Happy Birthday Friend.


----------



## christiana (Jun 13, 2011)

Happy Birthday Blessings to you!


----------



## JennyG (Jun 13, 2011)

Happy birthday dear brother


----------



## Rufus (Jun 13, 2011)

Happy Birthday to Dudley! God bless!


----------



## Berean (Jun 13, 2011)

*Happy Birthday!*


----------



## LeeJUk (Jun 13, 2011)

Happy Birthday Dudley


----------



## au5t1n (Jun 13, 2011)

Happy birthday to a tireless encourager of saints!


----------



## dudley (Jun 13, 2011)

austinww said:


> Happy birthday to a tireless encourager of saints!



I want to thank everyone for the happy Birthday greetings today. I liked them all but I particularly liked Austin’s greeting…. “Happy birthday to a tireless encourager of saints!” 

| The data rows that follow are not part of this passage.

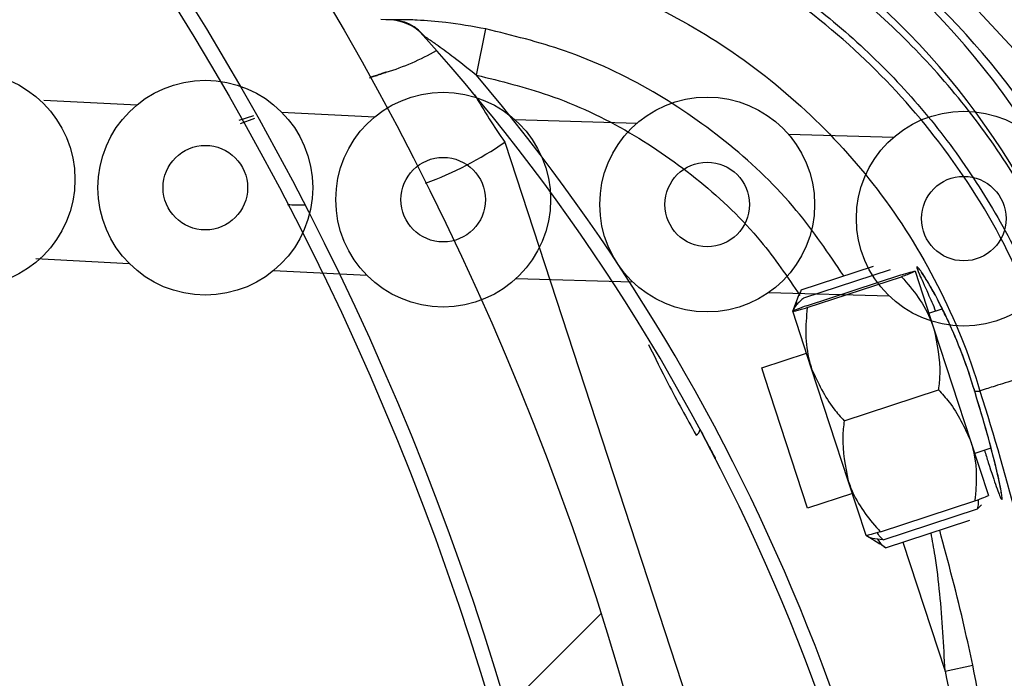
# Model space of a CAD drawing. Header units: inches. Extents: x 170 to 284, y 215 to 248.
# Tile 693 of 1056: x 211.2815 to 211.353, y 244.5738 to 244.6216. Entities that reach past the tile are written whole.
import ezdxf

# ---------------------------------------------------------------- set-up
doc = ezdxf.new("R2010")
doc.units = ezdxf.units.IN
doc.header["$LTSCALE"] = 0.25
doc.header["$MEASUREMENT"] = 0
doc.layers.add('LH FRONT OF HOOD', color=7, linetype='Continuous')
pattern_1 = [(45, (200.7563139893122, 238.187647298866), (-0.03026527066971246, 0.03026527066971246), [])]

msp = doc.modelspace()

# ---------------------------------------------------------------- hatches: boundary and pattern name
at = {"layer": 'LH FRONT OF HOOD'}
h = msp.add_hatch(dxfattribs=at)
h.set_pattern_fill('ANSI31', color=256, scale=0.34241245, angle=2.8e-322, style=0)
h.set_pattern_definition([(45, (200.7896657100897, 238.187647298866), (-0.03026527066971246, 0.03026527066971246), [])])
edge = h.paths.add_edge_path(flags=0)
edge.add_arc((211.0763061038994, 244.0798696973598), 0.021400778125, 89.9999999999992, 390.52248781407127, ccw=False)
edge.add_line((211.0763061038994, 244.1012704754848), (211.1490687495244, 244.1012704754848))
edge.add_arc((211.1490687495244, 244.5121654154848), 0.4108949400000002, 270, 450.0000000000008)
edge.add_line((211.1490687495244, 244.9230603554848), (210.6654111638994, 244.9230603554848))
edge.add_arc((210.6654111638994, 244.9273405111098), 0.004280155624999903, 180.0000000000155, 269.9999999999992, ccw=False)
edge.add_line((210.6611310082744, 244.9273405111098), (210.6611310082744, 244.9701420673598))
edge.add_arc((210.6654111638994, 244.9701420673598), 0.004280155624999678, 360, 540, ccw=False)
edge.add_line((210.6696913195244, 244.9701420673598), (210.6696913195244, 244.9273405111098))
edge.add_line((210.6696913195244, 244.9273405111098), (210.6664589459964, 244.9273405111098))
edge.add_line((210.6664589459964, 244.9273405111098), (210.6664589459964, 244.9701420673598))
edge.add_arc((210.6654111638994, 244.9701420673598), 0.001047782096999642, 360, 540.0000000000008)
edge.add_line((210.6643633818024, 244.9701420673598), (210.6643633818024, 244.9273405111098))
edge.add_arc((210.6654111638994, 244.9273405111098), 0.001047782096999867, 180, 270)
edge.add_line((210.6654111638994, 244.9262927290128), (211.1490687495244, 244.9262927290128))
edge.add_arc((211.1490687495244, 244.5121654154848), 0.4141273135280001, 269.9999999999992, 450, ccw=False)
edge.add_line((211.1490687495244, 244.0980381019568), (211.0763061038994, 244.0980381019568))
edge.add_arc((211.0763061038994, 244.0798696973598), 0.018168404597, 450.0000000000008, 750.5224878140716)
edge.add_arc((211.0910543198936, 244.0885648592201), 0.001047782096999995, 390.5224878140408, 495.0000000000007)
edge.add_line((211.0903134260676, 244.0893057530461), (211.0816182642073, 244.0806105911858))
edge.add_line((211.0816182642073, 244.0806105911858), (211.0793326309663, 244.0828962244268))
edge.add_line((211.0793326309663, 244.0828962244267), (211.0880277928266, 244.091591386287))
edge.add_arc((211.0910543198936, 244.0885648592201), 0.004280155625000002, 390.522487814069, 495.0000000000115, ccw=False)
h = msp.add_hatch(dxfattribs=at)
h.set_pattern_fill('ANSI31', color=256, scale=0.34241245, style=0)
h.set_pattern_definition(pattern_1)
edge = h.paths.add_edge_path(flags=0)
edge.add_line((211.1157170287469, 244.9187801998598), (210.7733045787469, 244.9187801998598))
edge.add_line((210.7733045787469, 244.9187801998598), (210.7733045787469, 244.9230603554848))
edge.add_line((210.7733045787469, 244.9230603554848), (211.1157170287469, 244.9230603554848))
edge.add_arc((211.1157170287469, 244.5121654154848), 0.4108949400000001, 269.9999999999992, 450, ccw=False)
edge.add_line((211.1157170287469, 244.1012704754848), (211.0429543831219, 244.1012704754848))
edge.add_line((211.0429543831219, 244.1012704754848), (211.0429543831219, 244.1055506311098))
edge.add_line((211.0429543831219, 244.1055506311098), (211.1157170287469, 244.1055506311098))
edge.add_arc((211.1157170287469, 244.5121654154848), 0.406614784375, 270, 450.0000000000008)
h = msp.add_hatch(dxfattribs=at)
h.set_pattern_fill('ANSI32', color=256, scale=0.34241245, angle=2.8e-322, style=0)
h.set_pattern_definition([(45, (200.7563139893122, 238.187647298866), (-0.09079581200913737, 0.09079581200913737), []), (45, (200.8168445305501, 238.187647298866), (-0.09079581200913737, 0.09079581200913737), [])])
edge = h.paths.add_edge_path(flags=0)
edge.add_arc((211.115717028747, 244.5121654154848), 0.2182879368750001, 180, 540, ccw=False)
edge = h.paths.add_edge_path(flags=0)
edge.add_arc((211.115717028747, 244.5121654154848), 0.2097276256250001, 180, 540, ccw=False)
h = msp.add_hatch(dxfattribs=at)
h.set_pattern_fill('ANSI31', color=256, scale=0.34241245, angle=2.8e-322, style=0)
h.set_pattern_definition(pattern_1)
edge = h.paths.add_edge_path(flags=0)
edge.add_arc((211.3040220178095, 244.6763687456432), 0.001712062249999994, 288.1322229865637, 310.3426432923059)
edge.add_line((211.3051303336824, 244.6750638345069), (211.3066930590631, 244.6732239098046))
edge.add_arc((211.3040220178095, 244.6763687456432), 0.004126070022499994, 288.1322229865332, 310.3426432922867, ccw=False)
edge.add_arc((211.3012513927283, 244.6848293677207), 0.01302879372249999, 239.6083903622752, 288.1322229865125, ccw=False)
edge.add_arc((211.3043060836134, 244.6891445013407), 0.01830194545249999, 198.1322229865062, 238.19359599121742, ccw=False)
edge.add_arc((211.2980907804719, 244.687109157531), 0.01176186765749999, 130.2730806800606, 198.1322229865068, ccw=False)
edge.add_arc((211.3012833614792, 244.6847317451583), 0.01566536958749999, 433.3892910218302, 493.5630227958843, ccw=False)
edge.add_arc((211.2988301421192, 244.6753891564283), 0.02532140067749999, 410.98647118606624, 434.1131563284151, ccw=False)
edge.add_arc((211.3045928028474, 244.6839779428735), 0.01504902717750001, 370.2879413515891, 407.4468726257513, ccw=False)
edge.add_arc((211.2923648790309, 244.6813788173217), 0.02754708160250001, 291.4407261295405, 371.0647967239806, ccw=False)
edge.add_arc((211.306687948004, 244.6480931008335), 0.008748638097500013, 479.0908419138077, 626.0736552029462)
edge.add_arc((211.3072194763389, 244.5826556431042), 0.05672062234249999, 377.70285871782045, 451.14212272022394, ccw=False)
edge.add_arc((211.1571233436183, 244.5322421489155), 0.2150521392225, 361.5582505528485, 378.3382766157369, ccw=False)
edge.add_arc((211.3432486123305, 244.5383187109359), 0.02884824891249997, 303.2910664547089, 359.5459797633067, ccw=False)
edge.add_arc((211.3766896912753, 244.4918731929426), 0.0284373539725, 488.2528168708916, 541.8512905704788)
edge.add_arc((211.3631868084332, 244.491847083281), 0.01494630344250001, 183.423663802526, 238.6794151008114)
edge.add_arc((211.365876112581, 244.4946373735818), 0.0187470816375, 236.0900975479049, 269.5718389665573)
edge.add_arc((211.3652634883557, 244.4893564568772), 0.0134739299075, 272.0097804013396, 310.4058687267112)
edge.add_arc((211.3698885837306, 244.4834848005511), 0.006011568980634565, 313.1147555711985, 333.8497966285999)
edge.add_arc((211.3583227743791, 244.4873357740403), 0.01816498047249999, 339.0314830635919, 378.1322229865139)
edge.add_arc((211.3651888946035, 244.4895842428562), 0.01094007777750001, 378.1322229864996, 468.1322229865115)
edge.add_arc((211.3623649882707, 244.4982075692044), 0.001866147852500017, 468.1322229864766, 483.774469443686)
edge.add_line((211.3613275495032, 244.4997587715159), (211.3599855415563, 244.5017653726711))
edge.add_arc((211.3623649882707, 244.4982075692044), 0.004280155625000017, 468.13222298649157, 483.7744694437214, ccw=False)
edge.add_arc((211.3651888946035, 244.4895842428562), 0.01335408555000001, 378.1322229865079, 468.13222298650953, ccw=False)
edge.add_arc((211.3583227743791, 244.4873357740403), 0.020578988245, 338.7435812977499, 378.13222298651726, ccw=False)
edge.add_arc((211.3698885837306, 244.4834848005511), 0.008425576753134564, 312.7098901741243, 334.631933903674, ccw=False)
edge.add_arc((211.3652634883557, 244.4893564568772), 0.01588793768, 271.82252524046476, 310.60280367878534, ccw=False)
edge.add_arc((211.365876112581, 244.4946373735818), 0.02116108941, 236.2367537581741, 269.7093947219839, ccw=False)
edge.add_arc((211.3631868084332, 244.491847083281), 0.01736031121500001, 183.3124711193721, 238.498076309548, ccw=False)
edge.add_arc((211.3766896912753, 244.4918731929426), 0.030851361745, 128.0503802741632, 181.9117605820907, ccw=False)
edge.add_arc((211.3432486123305, 244.5383187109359), 0.02643424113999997, 303.0739325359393, 359.4558360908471)
edge.add_arc((211.1571233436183, 244.5322421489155), 0.21263813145, 361.5698914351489, 378.3419125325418)
edge.add_arc((211.3072194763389, 244.5826556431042), 0.05430661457, 377.6888496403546, 451.2467578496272)
edge.add_arc((211.306687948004, 244.6480931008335), 0.01116264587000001, 118.193261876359, 266.66131017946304, ccw=False)
edge.add_arc((211.2923648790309, 244.6813788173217), 0.02513307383, 291.1036231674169, 371.1028807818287)
edge.add_arc((211.3045928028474, 244.6839779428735), 0.01263501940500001, 370.2152702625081, 407.1149197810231)
edge.add_arc((211.2988301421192, 244.6753891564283), 0.022907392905, 411.1765293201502, 434.1519381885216)
edge.add_arc((211.3012833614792, 244.6847317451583), 0.01325136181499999, 433.3244634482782, 493.8674727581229)
edge.add_arc((211.2980907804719, 244.687109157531), 0.009347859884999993, 489.8547471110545, 558.132222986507)
edge.add_arc((211.3043060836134, 244.6891445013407), 0.01588793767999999, 198.1322229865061, 238.0844018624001)
edge.add_arc((211.3012513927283, 244.6848293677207), 0.01061478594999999, 239.7667243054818, 288.1322229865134)

# ---------------------------------------------------------------- linework, layer by layer
for p, q in [((211.3081146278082, 244.6215717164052), (211.3077605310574, 244.6215860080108)), ((211.3085581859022, 244.6215622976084), (211.3081146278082, 244.6215717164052)), ((211.3147024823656, 244.6175518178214), (211.315374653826, 244.6209073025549)), ((211.2832718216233, 244.6157452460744), (211.2900504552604, 244.6154039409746)), ((211.2985114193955, 244.6146087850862), (211.2974377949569, 244.6142569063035)), ((211.3005434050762, 244.6148756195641), (211.3073220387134, 244.6145343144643)), ((211.2975626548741, 244.6140404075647), (211.2986103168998, 244.6144227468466)), ((211.3174836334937, 244.6143209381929), (211.3263613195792, 244.6140714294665)), ((211.337350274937, 244.6132622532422), (211.3449945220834, 244.613047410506)), ((211.3167514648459, 244.6126851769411), (211.3371111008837, 244.5505132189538)), ((211.2826920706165, 244.6042308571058), (211.2894707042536, 244.603889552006)), ((211.2999636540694, 244.6033612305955), (211.3067422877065, 244.6030199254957)), ((211.3382858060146, 244.6019696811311), (211.3435296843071, 244.6036855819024)), ((211.3384744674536, 244.6013931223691), (211.3447548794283, 244.6034481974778)), ((211.3465545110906, 244.6033174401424), (211.3479200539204, 244.5991442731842)), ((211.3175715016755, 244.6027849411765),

Socrates said “A life unexamined is a life not worth living“. I have been examining and reflecting on my own life as I approached 65. I think reaching 65, is a wake-up call. By reflecting of what made you happiest next to what made you cry, I think you begin to know what to continue with and what to let go. Turning 65 is one of those life passages - like college hazing and infantry basic training - many men would rather avoid contemplating until it's upon you. ...for some turning 65 means retirement, for me that is not in the cards right now. 

When I grew up turning 65 I thought meant instant recognition for accumulated wisdom and the ability to embrace all things good and spiritual. I am discovering young people today unfortunately do not view people over 65 in that way. Although Austin seems the exception and I guess it is why I liked his greeting so much. Sure, we've lived many of life's lessons. But somehow the older generation is not looked to for wisdom and guidance. Maybe that is the way it really always was; we are just seeing it now from the perspective of being older.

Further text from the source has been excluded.